**The problem**
From the listing below, output only the lines starting at the line that has "#16316 = CARTESIAN_POINT" and ending at the line that has "#16319 = CARTESIAN_POINT", exactly as they appear, ends included.

**Available data**
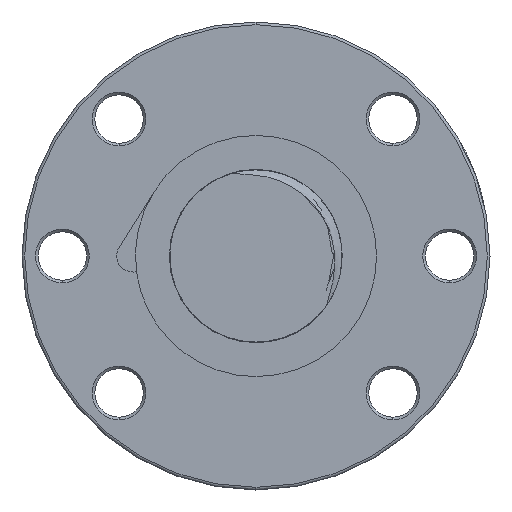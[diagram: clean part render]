
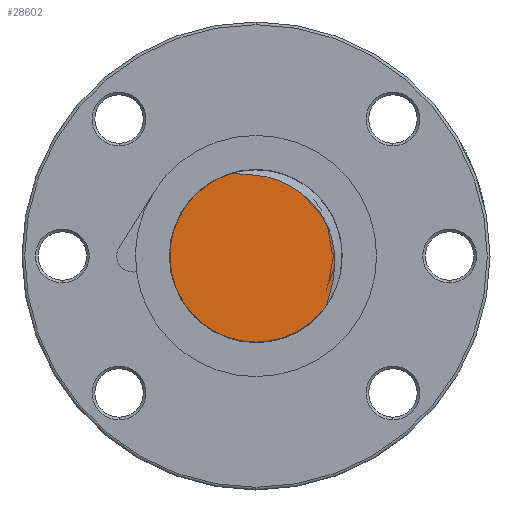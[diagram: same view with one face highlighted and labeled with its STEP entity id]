
A CAD part, left-side view. The second image highlights one B-rep face of the part: STEP entity #28602.
In plain terms, the highlighted planar face has unit normal (-1, 0, 0).
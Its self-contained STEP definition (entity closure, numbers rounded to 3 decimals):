
#570 = CARTESIAN_POINT ( 'NONE',  ( -176., 0., -16. ) ) ;
#16235 = CARTESIAN_POINT ( 'NONE',  ( -176., -13.223, -8.721 ) ) ;
#16236 = CARTESIAN_POINT ( 'NONE',  ( -176., -13.179, -8.909 ) ) ;
#16237 = CARTESIAN_POINT ( 'NONE',  ( -176., -13.16, -9.1 ) ) ;
#16238 = B_SPLINE_CURVE_WITH_KNOTS ( 'NONE', 3,
 ( #16237, #16236, #16235, #16322, #16321, #16320, #16319, #16318, #16317, #16316, #16315, #16314, #16313, #16312, #16311, #16310, #16309, #16308, #16307, #16306, #16305, #16304, #16303, #16302, #16301, #16300, #16299, #16298, #16297, #16296, #16295, #16294, #16293, #16292, #16291, #16289, #16288, #16287, #16286, #16285, #16284, #16283 ),
 .UNSPECIFIED., .F., .F.,
 ( 4, 2, 2, 2, 2, 2, 2, 2, 2, 2, 2, 2, 2, 2, 2, 2, 2, 2, 2, 2, 4 ),
 ( 0.005, 0.005, 0.006, 0.007, 0.009, 0.014, 0.015, 0.016, 0.019, 0.02, 0.021, 0.023, 0.025, 0.028, 0.03, 0.032, 0.037, 0.039, 0.04, 0.041, 0.041 ),
 .UNSPECIFIED. ) ;
#16283 = CARTESIAN_POINT ( 'NONE',  ( -176., 4.588, 15.328 ) ) ;
#16284 = CARTESIAN_POINT ( 'NONE',  ( -176., 4.397, 15.287 ) ) ;
#16285 = CARTESIAN_POINT ( 'NONE',  ( -176., 4.205, 15.271 ) ) ;
#16286 = CARTESIAN_POINT ( 'NONE',  ( -176., 3.82, 15.246 ) ) ;
#16287 = CARTESIAN_POINT ( 'NONE',  ( -176., 3.628, 15.239 ) ) ;
#16288 = CARTESIAN_POINT ( 'NONE',  ( -176., 3.05, 15.223 ) ) ;
#16289 = CARTESIAN_POINT ( 'NONE',  ( -176., 2.664, 15.217 ) ) ;
#16291 = CARTESIAN_POINT ( 'NONE',  ( -176., 1.508, 15.18 ) ) ;
#16292 = CARTESIAN_POINT ( 'NONE',  ( -176., 0.739, 15.131 ) ) ;
#16293 = CARTESIAN_POINT ( 'NONE',  ( -176., -1.557, 14.853 ) ) ;
#16294 = CARTESIAN_POINT ( 'NONE',  ( -176., -3.041, 14.496 ) ) ;
#16295 = CARTESIAN_POINT ( 'NONE',  ( -176., -5.18, 13.659 ) ) ;
#16296 = CARTESIAN_POINT ( 'NONE',  ( -176., -5.883, 13.327 ) ) ;
#16297 = CARTESIAN_POINT ( 'NONE',  ( -176., -7.215, 12.576 ) ) ;
#16298 = CARTESIAN_POINT ( 'NONE',  ( -176., -7.851, 12.157 ) ) ;
#16299 = CARTESIAN_POINT ( 'NONE',  ( -176., -9.059, 11.23 ) ) ;
#16300 = CARTESIAN_POINT ( 'NONE',  ( -176., -9.631, 10.722 ) ) ;
#16301 = CARTESIAN_POINT ( 'NONE',  ( -176., -10.708, 9.614 ) ) ;
#16302 = CARTESIAN_POINT ( 'NONE',  ( -176., -11.2, 9.028 ) ) ;
#16303 = CARTESIAN_POINT ( 'NONE',  ( -176., -12.092, 7.793 ) ) ;
#16304 = CARTESIAN_POINT ( 'NONE',  ( -176., -12.493, 7.144 ) ) ;
#16305 = CARTESIAN_POINT ( 'NONE',  ( -176., -13.025, 6.123 ) ) ;
#16306 = CARTESIAN_POINT ( 'NONE',  ( -176., -13.191, 5.774 ) ) ;
#16307 = CARTESIAN_POINT ( 'NONE',  ( -176., -13.497, 5.067 ) ) ;
#16308 = CARTESIAN_POINT ( 'NONE',  ( -176., -13.636, 4.71 ) ) ;
#16309 = CARTESIAN_POINT ( 'NONE',  ( -176., -14.013, 3.627 ) ) ;
#16310 = CARTESIAN_POINT ( 'NONE',  ( -176., -14.211, 2.892 ) ) ;
#16311 = CARTESIAN_POINT ( 'NONE',  ( -176., -14.431, 1.767 ) ) ;
#16312 = CARTESIAN_POINT ( 'NONE',  ( -176., -14.491, 1.389 ) ) ;
#16313 = CARTESIAN_POINT ( 'NONE',  ( -176., -14.586, 0.626 ) ) ;
#16314 = CARTESIAN_POINT ( 'NONE',  ( -176., -14.62, 0.24 ) ) ;
#16315 = CARTESIAN_POINT ( 'NONE',  ( -176., -14.724, -1.673 ) ) ;
#16316 = CARTESIAN_POINT ( 'NONE',  ( -176., -14.596, -3.178 ) ) ;
#16317 = CARTESIAN_POINT ( 'NONE',  ( -176., -14.156, -5.407 ) ) ;
#16318 = CARTESIAN_POINT ( 'NONE',  ( -176., -13.965, -6.145 ) ) ;
#16319 = CARTESIAN_POINT ( 'NONE',  ( -176., -13.645, -7.248 ) ) ;
#16320 = CARTESIAN_POINT ( 'NONE',  ( -176., -13.532, -7.614 ) ) ;
#16321 = CARTESIAN_POINT ( 'NONE',  ( -176., -13.37, -8.166 ) ) ;
#16322 = CARTESIAN_POINT ( 'NONE',  ( -176., -13.317, -8.35 ) ) ;
#25376 = EDGE_CURVE ( 'NONE', #28119, #28014, #29393, .T. ) ;
#26589 = CARTESIAN_POINT ( 'NONE',  ( -176., -13.16, -9.1 ) ) ;
#26590 = DIRECTION ( 'NONE',  ( 0., 1., 0. ) ) ;
#26591 = DIRECTION ( 'NONE',  ( 1., 0., 0. ) ) ;
#26592 = CARTESIAN_POINT ( 'NONE',  ( -176., 0., 0. ) ) ;
#26593 = AXIS2_PLACEMENT_3D ( 'NONE', #26592, #26591, #26590 ) ;
#26599 = CIRCLE ( 'NONE', #26593, 16. ) ;
#27579 = DIRECTION ( 'NONE',  ( 0., 0., -1. ) ) ;
#27580 = DIRECTION ( 'NONE',  ( 1., 0., 0. ) ) ;
#27581 = CARTESIAN_POINT ( 'NONE',  ( -176., 0., 0. ) ) ;
#27582 = AXIS2_PLACEMENT_3D ( 'NONE', #27581, #27580, #27579 ) ;
#27583 = PLANE ( 'NONE',  #27582 ) ;
#27584 = FACE_OUTER_BOUND ( 'NONE', #28603, .T. ) ;
#28014 = VERTEX_POINT ( 'NONE', #30446 ) ;
#28119 = VERTEX_POINT ( 'NONE', #570 ) ;
#28310 = EDGE_CURVE ( 'NONE', #28311, #28119, #26599, .T. ) ;
#28311 = VERTEX_POINT ( 'NONE', #26589 ) ;
#28602 = ADVANCED_FACE ( 'NONE', ( #27584 ), #27583, .F. ) ;
#28603 = EDGE_LOOP ( 'NONE', ( #28604, #28680, #28682 ) ) ;
#28604 = ORIENTED_EDGE ( 'NONE', *, *, #28310, .F. ) ;
#28680 = ORIENTED_EDGE ( 'NONE', *, *, #28681, .T. ) ;
#28681 = EDGE_CURVE ( 'NONE', #28311, #28014, #16238, .T. ) ;
#28682 = ORIENTED_EDGE ( 'NONE', *, *, #25376, .F. ) ;
#29389 = DIRECTION ( 'NONE',  ( 0., 1., 0. ) ) ;
#29390 = DIRECTION ( 'NONE',  ( 1., 0., 0. ) ) ;
#29391 = CARTESIAN_POINT ( 'NONE',  ( -176., 0., 0. ) ) ;
#29392 = AXIS2_PLACEMENT_3D ( 'NONE', #29391, #29390, #29389 ) ;
#29393 = CIRCLE ( 'NONE', #29392, 16. ) ;
#30446 = CARTESIAN_POINT ( 'NONE',  ( -176., 4.588, 15.328 ) ) ;

**Result**
#16316 = CARTESIAN_POINT ( 'NONE',  ( -176., -14.596, -3.178 ) ) ;
#16317 = CARTESIAN_POINT ( 'NONE',  ( -176., -14.156, -5.407 ) ) ;
#16318 = CARTESIAN_POINT ( 'NONE',  ( -176., -13.965, -6.145 ) ) ;
#16319 = CARTESIAN_POINT ( 'NONE',  ( -176., -13.645, -7.248 ) ) ;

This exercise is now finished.